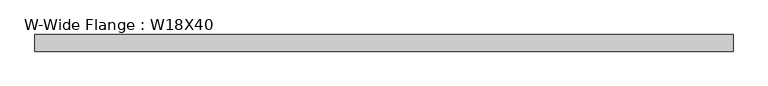
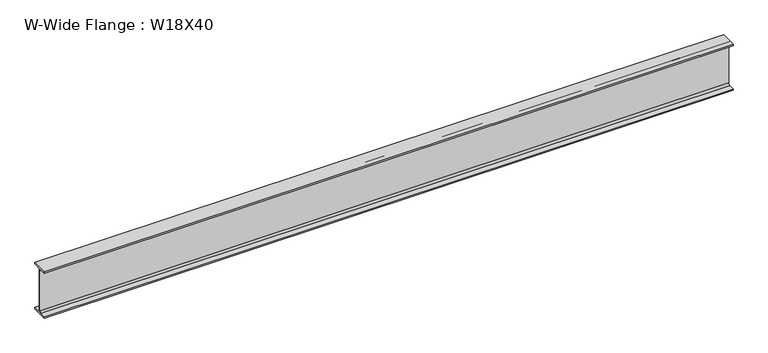
"""IFC4 building model written with IfcOpenShell, lengths in millimetres: beam geometry, W-Wide Flange : W18X40."""

import ifcopenshell
import ifcopenshell.guid

model = None  # the IFC model being written
_history = None  # IfcOwnerHistory: only IFC2X3 demands one
_inside = {}  # id of a spatial element -> (the spatial element, [elements in it])
_under = {}  # id of a project, library or spatial element -> (it, [spatial elements below it])
_declared = {}  # id of a project -> (the project, [libraries it declares])
_typed = {}  # id of a type object -> (the type object, [elements of that type])
_made_of = {}  # id of a material, layer set ... -> (it, [elements and type objects made of it])


def new_model(schema):
    """Start an empty IFC model of exactly this schema.

    Asked for "IFC4X3", IfcOpenShell would pick the latest addendum, in which some entities
    have other attributes; the version numbers below select the first issue.
    IFC2X3 requires an IfcOwnerHistory on every rooted entity: one is made here for all.
    """
    global model, _history
    if schema == "IFC4X3":
        model = ifcopenshell.file(schema_version=(4, 3, 0, 0))
    else:
        model = ifcopenshell.file(schema=schema)
    _inside.clear()
    _under.clear()
    _declared.clear()
    _typed.clear()
    _made_of.clear()
    _history = None
    if model.schema == "IFC2X3":
        org = make("IfcOrganization", Name="unknown")
        user = make(
            "IfcPersonAndOrganization",
            ThePerson=make("IfcPerson", FamilyName="unknown"),
            TheOrganization=org,
        )
        app = make(
            "IfcApplication",
            ApplicationDeveloper=org,
            Version="unknown",
            ApplicationFullName="unknown",
            ApplicationIdentifier="unknown",
        )
        _history = make(
            "IfcOwnerHistory",
            OwningUser=user,
            OwningApplication=app,
            ChangeAction="ADDED",
            CreationDate=0,
        )
    return model


def make(cls, **values):
    """One entity of the class cls with the attributes given. An attribute that is None is left unset."""
    return model.create_entity(
        cls, **{name: value for name, value in values.items() if value is not None}
    )


def rooted(cls, **values):
    """An entity with a GlobalId (a new one), such as an element, a storey or a relation."""
    return make(cls, GlobalId=ifcopenshell.guid.new(), OwnerHistory=_history, **values)


def si_unit(unit_type, name, prefix=None):
    """IfcSIUnit, for example si_unit("LENGTHUNIT", "METRE", prefix="MILLI")."""
    return make("IfcSIUnit", UnitType=unit_type, Prefix=prefix, Name=name)


def assignment(units):
    """IfcUnitAssignment: the units of a project."""
    return None if units is None else make("IfcUnitAssignment", Units=units)


def point(xyz):
    """IfcCartesianPoint."""
    return None if xyz is None else make("IfcCartesianPoint", Coordinates=xyz)


def direction(xyz):
    """IfcDirection."""
    return None if xyz is None else make("IfcDirection", DirectionRatios=xyz)


def frame(location, z_axis=None, x_axis=None):
    """IfcAxis2Placement3D, a coordinate frame: its origin and axes. An axis left out is left unset."""
    return make(
        "IfcAxis2Placement3D",
        Location=point(location),
        Axis=direction(z_axis),
        RefDirection=direction(x_axis),
    )


def frame_2d(location, x_axis=None):
    """IfcAxis2Placement2D, a coordinate frame in the plane: its origin and x axis."""
    return make(
        "IfcAxis2Placement2D", Location=point(location), RefDirection=direction(x_axis)
    )


def origin():
    """The frame at (0, 0, 0) with its axes left unset."""
    return frame((0.0, 0.0, 0.0))


def place(relative_to, where):
    """IfcLocalPlacement: puts the frame where relative to a parent placement (None: the world)."""
    return make(
        "IfcLocalPlacement", PlacementRelTo=relative_to, RelativePlacement=where
    )


def context(
    kind, dimensions, precision=None, world=None, true_north=None, identifier=None
):
    """IfcGeometricRepresentationContext, for example the 3D "Model" context."""
    return make(
        "IfcGeometricRepresentationContext",
        ContextIdentifier=identifier,
        ContextType=kind,
        CoordinateSpaceDimension=dimensions,
        Precision=precision,
        WorldCoordinateSystem=world,
        TrueNorth=true_north,
    )


def project(units=None, contexts=None):
    """IfcProject with its units and contexts."""
    return rooted(
        "IfcProject",
        Name="project",
        RepresentationContexts=contexts,
        UnitsInContext=assignment(units),
    )


def spatial(cls, under=None, at=None, **own):
    """A site, building, storey or space (cls), placed at a placement, below another one or the project."""
    s = rooted(cls, ObjectPlacement=at, **own)
    if under is not None:
        _under.setdefault(under.id(), (under, []))[1].append(s)
    return s


def polyline(points):
    """IfcPolyline through the points."""
    return make("IfcPolyline", Points=[point(p) for p in points])


def circle_curve(where, radius):
    """IfcCircle in the frame where."""
    return make("IfcCircle", Position=where, Radius=radius)


def trimmed(basis, trim1, trim2, sense, master):
    """IfcTrimmedCurve: the piece of a basis curve between two trims."""
    return make(
        "IfcTrimmedCurve",
        BasisCurve=basis,
        Trim1=trim1,
        Trim2=trim2,
        SenseAgreement=sense,
        MasterRepresentation=master,
    )


def segment(curve, same_sense, transition):
    """IfcCompositeCurveSegment."""
    return make(
        "IfcCompositeCurveSegment",
        Transition=transition,
        SameSense=same_sense,
        ParentCurve=curve,
    )


def composite_curve(segments, self_intersect=None):
    """IfcCompositeCurve: segments joined end to end."""
    return make("IfcCompositeCurve", Segments=segments, SelfIntersect=self_intersect)


def outline(outer, holes=None, kind="AREA"):
    """IfcArbitraryClosedProfileDef: a profile drawn as a closed curve; with holes, ...WithVoids."""
    if holes is None:
        return make("IfcArbitraryClosedProfileDef", ProfileType=kind, OuterCurve=outer)
    return make(
        "IfcArbitraryProfileDefWithVoids",
        ProfileType=kind,
        OuterCurve=outer,
        InnerCurves=holes,
    )


def extrude(swept, where, along, depth):
    """IfcExtrudedAreaSolid: the profile swept, set in the frame where, extruded along a direction by depth."""
    return make(
        "IfcExtrudedAreaSolid",
        SweptArea=swept,
        Position=where,
        ExtrudedDirection=direction(along),
        Depth=depth,
    )


def shape(context_of_items, identifier, shape_type, items):
    """IfcShapeRepresentation: the items that make up one representation, for example the "Body"."""
    return make(
        "IfcShapeRepresentation",
        ContextOfItems=context_of_items,
        RepresentationIdentifier=identifier,
        RepresentationType=shape_type,
        Items=items,
    )


def source(mapping_origin, context_of_items, identifier, shape_type, items):
    """IfcRepresentationMap: a shape defined once, which mapped items show again and again."""
    return make(
        "IfcRepresentationMap",
        MappingOrigin=mapping_origin,
        MappedRepresentation=shape(context_of_items, identifier, shape_type, items),
    )


def transform(
    local_origin,
    x_axis=None,
    y_axis=None,
    z_axis=None,
    scale=None,
    scale2=None,
    scale3=None,
    uniform=True,
):
    """IfcCartesianTransformationOperator3D, or its non-uniform kind. x_axis, y_axis, z_axis: its Axis1, 2, 3."""
    if uniform:
        return make(
            "IfcCartesianTransformationOperator3D",
            Axis1=direction(x_axis),
            Axis2=direction(y_axis),
            LocalOrigin=point(local_origin),
            Scale=scale,
            Axis3=direction(z_axis),
        )
    return make(
        "IfcCartesianTransformationOperator3DnonUniform",
        Axis1=direction(x_axis),
        Axis2=direction(y_axis),
        LocalOrigin=point(local_origin),
        Scale=scale,
        Axis3=direction(z_axis),
        Scale2=scale2,
        Scale3=scale3,
    )


def mapped(mapping_source, mapping_target):
    """IfcMappedItem: shows the shape of a source again, moved by a transform."""
    return make(
        "IfcMappedItem", MappingSource=mapping_source, MappingTarget=mapping_target
    )


def made_of(thing, what):
    """Note that an element or type object is made of a material, layer set ...; save() writes the relation."""
    if what is not None:
        _made_of.setdefault(what.id(), (what, []))[1].append(thing)
    return thing


def element(
    cls,
    number,
    at=None,
    inside=None,
    cuts=None,
    type_object=None,
    material=None,
    context=None,
    identifier="Body",
    shape_type=None,
    held_by="IfcProductDefinitionShape",
    body=None,
    shapes=None,
    **own,
):
    """One element of the class cls, such as IfcWall. Its Tag is "e" and its number.

    at: its placement. inside: the storey or other place that contains it. cuts: it is an
    opening in that element (IfcRelVoidsElement). A single representation is given by context,
    identifier, shape_type and body (its items); several are given by shapes. held_by: the class
    of the entity that holds the representations. save() writes the other relations.
    """
    e = rooted(cls, Tag="e%d" % number, ObjectPlacement=at, **own)
    if body is not None:
        shapes = [shape(context, identifier, shape_type, body)]
    if shapes is not None:
        e.Representation = make(held_by, Representations=shapes)
    if inside is not None:
        _inside.setdefault(inside.id(), (inside, []))[1].append(e)
    if cuts is not None:
        rooted(
            "IfcRelVoidsElement", RelatingBuildingElement=cuts, RelatedOpeningElement=e
        )
    if type_object is not None:
        _typed.setdefault(type_object.id(), (type_object, []))[1].append(e)
    return made_of(e, material)


def aggregate(whole, parts):
    """IfcRelAggregates: a whole, such as a stair, and the parts it consists of."""
    return rooted("IfcRelAggregates", RelatingObject=whole, RelatedObjects=parts)


def save(model, path):
    """Write the relations noted so far, then the file.

    IfcRelAggregates (storeys below a building ...), IfcRelContainedInSpatialStructure (elements
    in a storey), IfcRelDefinesByType, IfcRelAssociatesMaterial and IfcRelDeclares: one each for
    every whole, place, type object, material and project.
    """
    for whole, parts in _under.values():
        aggregate(whole, parts)
    for where, things in _inside.values():
        rooted(
            "IfcRelContainedInSpatialStructure",
            RelatedElements=things,
            RelatingStructure=where,
        )
    for kind, things in _typed.values():
        rooted("IfcRelDefinesByType", RelatedObjects=things, RelatingType=kind)
    for what, things in _made_of.values():
        rooted("IfcRelAssociatesMaterial", RelatedObjects=things, RelatingMaterial=what)
    for by, libraries in _declared.values():
        rooted("IfcRelDeclares", RelatingContext=by, RelatedDefinitions=libraries)
    model.write(path)


def w_wide_flange_w18x40_26c92dcf(model_context):
    return source(origin(), model_context, "Body", "SweptSolid", [
        extrude(outline(composite_curve([segment(polyline([(76.454, -213.995), (76.454, -227.33), (-76.454, -227.33), (-76.454, -213.995), (-20.828, -213.995)]), True, "CONTINUOUS"), segment(trimmed(circle_curve(frame_2d((-20.828, -197.1675)), 16.8275), [point((-20.828, -213.995))], [point((-4.0005, -197.1675))], True, "CARTESIAN"), True, "CONTINUOUS"), segment(polyline([(-4.0005, -197.1675), (-4.0005, 197.1675)]), True, "CONTINUOUS"), segment(trimmed(circle_curve(frame_2d((-20.828, 197.1675)), 16.8275), [point((-4.0005, 197.1675))], [point((-20.828, 213.995))], True, "CARTESIAN"), True, "CONTINUOUS"), segment(polyline([(-20.828, 213.995), (-76.454, 213.995), (-76.454, 227.33), (76.454, 227.33), (76.454, 213.995), (20.828, 213.995)]), True, "CONTINUOUS"), segment(trimmed(circle_curve(frame_2d((20.828, 197.1675)), 16.8275), [point((20.828, 213.995))], [point((4.0005, 197.1675))], True, "CARTESIAN"), True, "CONTINUOUS"), segment(polyline([(4.0005, 197.1675), (4.0005, -197.1675)]), True, "CONTINUOUS"), segment(trimmed(circle_curve(frame_2d((20.828, -197.1675)), 16.8275), [point((4.0005, -197.1675))], [point((20.828, -213.995))], True, "CARTESIAN"), True, "CONTINUOUS"), segment(polyline([(20.828, -213.995), (76.454, -213.995)]), True, "CONTINUOUS")], self_intersect=False)), frame((-3211.83, 0.0, 0.0), z_axis=(1.0, 0.0, 0.0), x_axis=(0.0, 1.0, 0.0)), (0.0, 0.0, 1.0), 6418.58),
    ])


if __name__ == "__main__":
    model = new_model("IFC4")
    model_context = context("Model", 3, world=origin())
    ifc_project = project(units=[si_unit("LENGTHUNIT", "METRE", prefix="MILLI")], contexts=[model_context])
    site = spatial("IfcSite", under=ifc_project)
    building = spatial("IfcBuilding", under=site)
    placement = place(None, origin())
    w_wide_flange_w18x40_shape = w_wide_flange_w18x40_26c92dcf(model_context)
    element("IfcBeam", 1, ObjectType="W-Wide Flange : W18X40", at=placement, inside=building, context=model_context, shape_type="MappedRepresentation", body=[
        mapped(w_wide_flange_w18x40_shape, transform((0.0, 0.0, 0.0), x_axis=(1.0, 0.0, 0.0), y_axis=(0.0, 1.0, 0.0), z_axis=(0.0, 0.0, 1.0))),
    ])
    save(model, "model.ifc")

# Revit data of these elements
# Type "W-Wide Flange : W18X40"
#   Assembly Code = "B10"
#   W = 40
#   Length [instance default] = 5' - 0"
#   bf = 0' - 6.02"
#   d = 1' - 5.9"
#   k = 0' - 1 3/16"
#   k2 = 0' - 0.6625"
#   tf = 0' - 0.525"
#   tw = 0' - 0.315"
#   A = 0.0819444 SF
#   Structural Material [instance default] = Steel ASTM A992
# Element 1 (IfcBeam, "W-Wide Flange : W18X40")
#   Materials on its faces: "Steel ASTM A992"
# Materials
#   "Steel ASTM A992": class "Metal", colour RGB 199 199 199, transparency 0, Description = "Structural steel 50ksi", Cost = 0
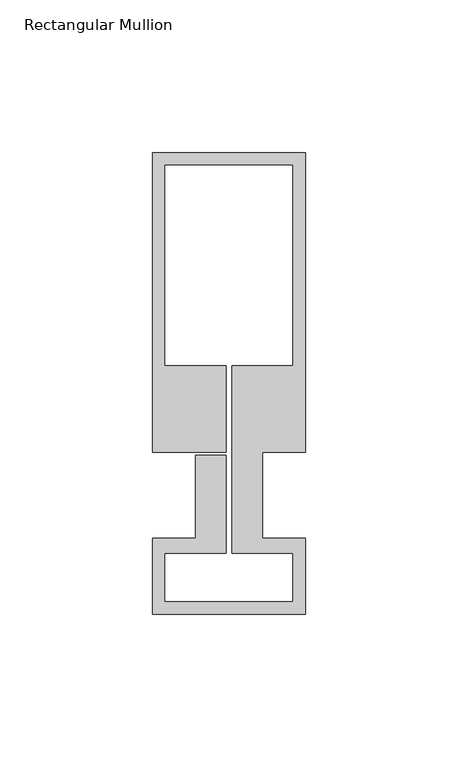
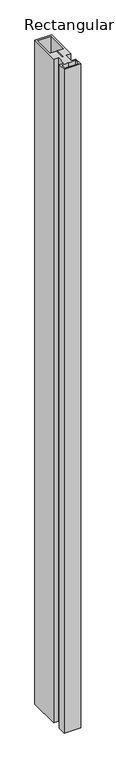
"""IFC4 building model written with IfcOpenShell, lengths in millimetres: member geometry, Rectangular Mullion : Schueco_FWS-50-HI_Mull_CovCap-20mm_Mull-85mm."""

from ifc_helpers import new_model, si_unit, frame, origin, place, context, project, spatial, polyline, outline, extrude, source, transform, mapped, element, save


def rectangular_mullion_35cf74e1(model_context):
    return source(origin(), model_context, "Body", "SweptSolid", [
        extrude(outline(polyline([(0.0, 126.0), (0.0, 28.0), (-14.0, 28.0), (-14.0, -0.1), (0.0, -0.1), (0.0, -25.0), (-50.0, -25.0), (-50.0, -0.1), (-36.0, -0.1), (-36.0, 27.0), (-26.0, 27.0), (-26.0, -5.0), (-46.0, -5.0), (-46.0, -21.0), (-4.0, -21.0), (-4.0, -5.0), (-24.0, -5.0), (-24.0, 56.3), (-4.0, 56.3), (-4.0, 122.0), (-46.0, 122.0), (-46.0, 56.3), (-26.0, 56.3), (-26.0, 28.0), (-50.0, 28.0), (-50.0, 126.0), (0.0, 126.0)])), frame((0.0, 0.0, -2100.0), z_axis=(0.0, 0.0, 1.0), x_axis=(1.0, 0.0, 0.0)), (0.0, 0.0, 1.0), 2100.0),
    ])


if __name__ == "__main__":
    model = new_model("IFC4")
    model_context = context("Model", 3, world=origin())
    ifc_project = project(units=[si_unit("LENGTHUNIT", "METRE", prefix="MILLI")], contexts=[model_context])
    site = spatial("IfcSite", under=ifc_project)
    building = spatial("IfcBuilding", under=site)
    placement = place(None, origin())
    rectangular_mullion_shape = rectangular_mullion_35cf74e1(model_context)
    element("IfcMember", 1, ObjectType="Rectangular Mullion : Schueco_FWS-50-HI_Mull_CovCap-20mm_Mull-85mm", at=placement, inside=building, context=model_context, shape_type="MappedRepresentation", body=[
        mapped(rectangular_mullion_shape, transform((0.0, 0.0, 0.0), x_axis=(1.0, 0.0, 0.0), y_axis=(0.0, 1.0, 0.0), z_axis=(0.0, 0.0, 1.0))),
    ])
    save(model, "model.ifc")

# Revit data of these elements
# Type "Rectangular Mullion : Schueco_FWS-50-HI_Mull_CovCap-20mm_Mull-85mm"
#   Model = "FWS 50.HI"
#   Manufacturer = "Schueco International KG"
#   Type Comments = "Mullion"
#   Schueco thermal insulation standard = "Highly thermally insulated"
#   Burglar resistance = "RC 3"
#   Thermal insulation = "to 0.90 W/(m²K)"
#   built-in parameter 1007322 = 0.495407 (stored number, unit not read)
#   built-in parameter 1007321 = 0.0360892 (stored number, unit not read)
#   built-in parameter 1007320 = 0.0360892 (stored number, unit not read)
# Element 1 (IfcMember, "Rectangular Mullion : Schueco_FWS-50-HI_Mull_CovCap-20mm_Mull-85mm")
#   Materials on its faces: "Alu"
# Materials
#   "Alu": class "Glas", colour RGB 140 140 140, transparency 0

.....

§ Task to carry out
Copy each line above that contains the string "unknown".

§ Task output
        org = make("IfcOrganization", Name="unknown")
            ThePerson=make("IfcPerson", FamilyName="unknown"),
            Version="unknown",
            ApplicationFullName="unknown",
            ApplicationIdentifier="unknown",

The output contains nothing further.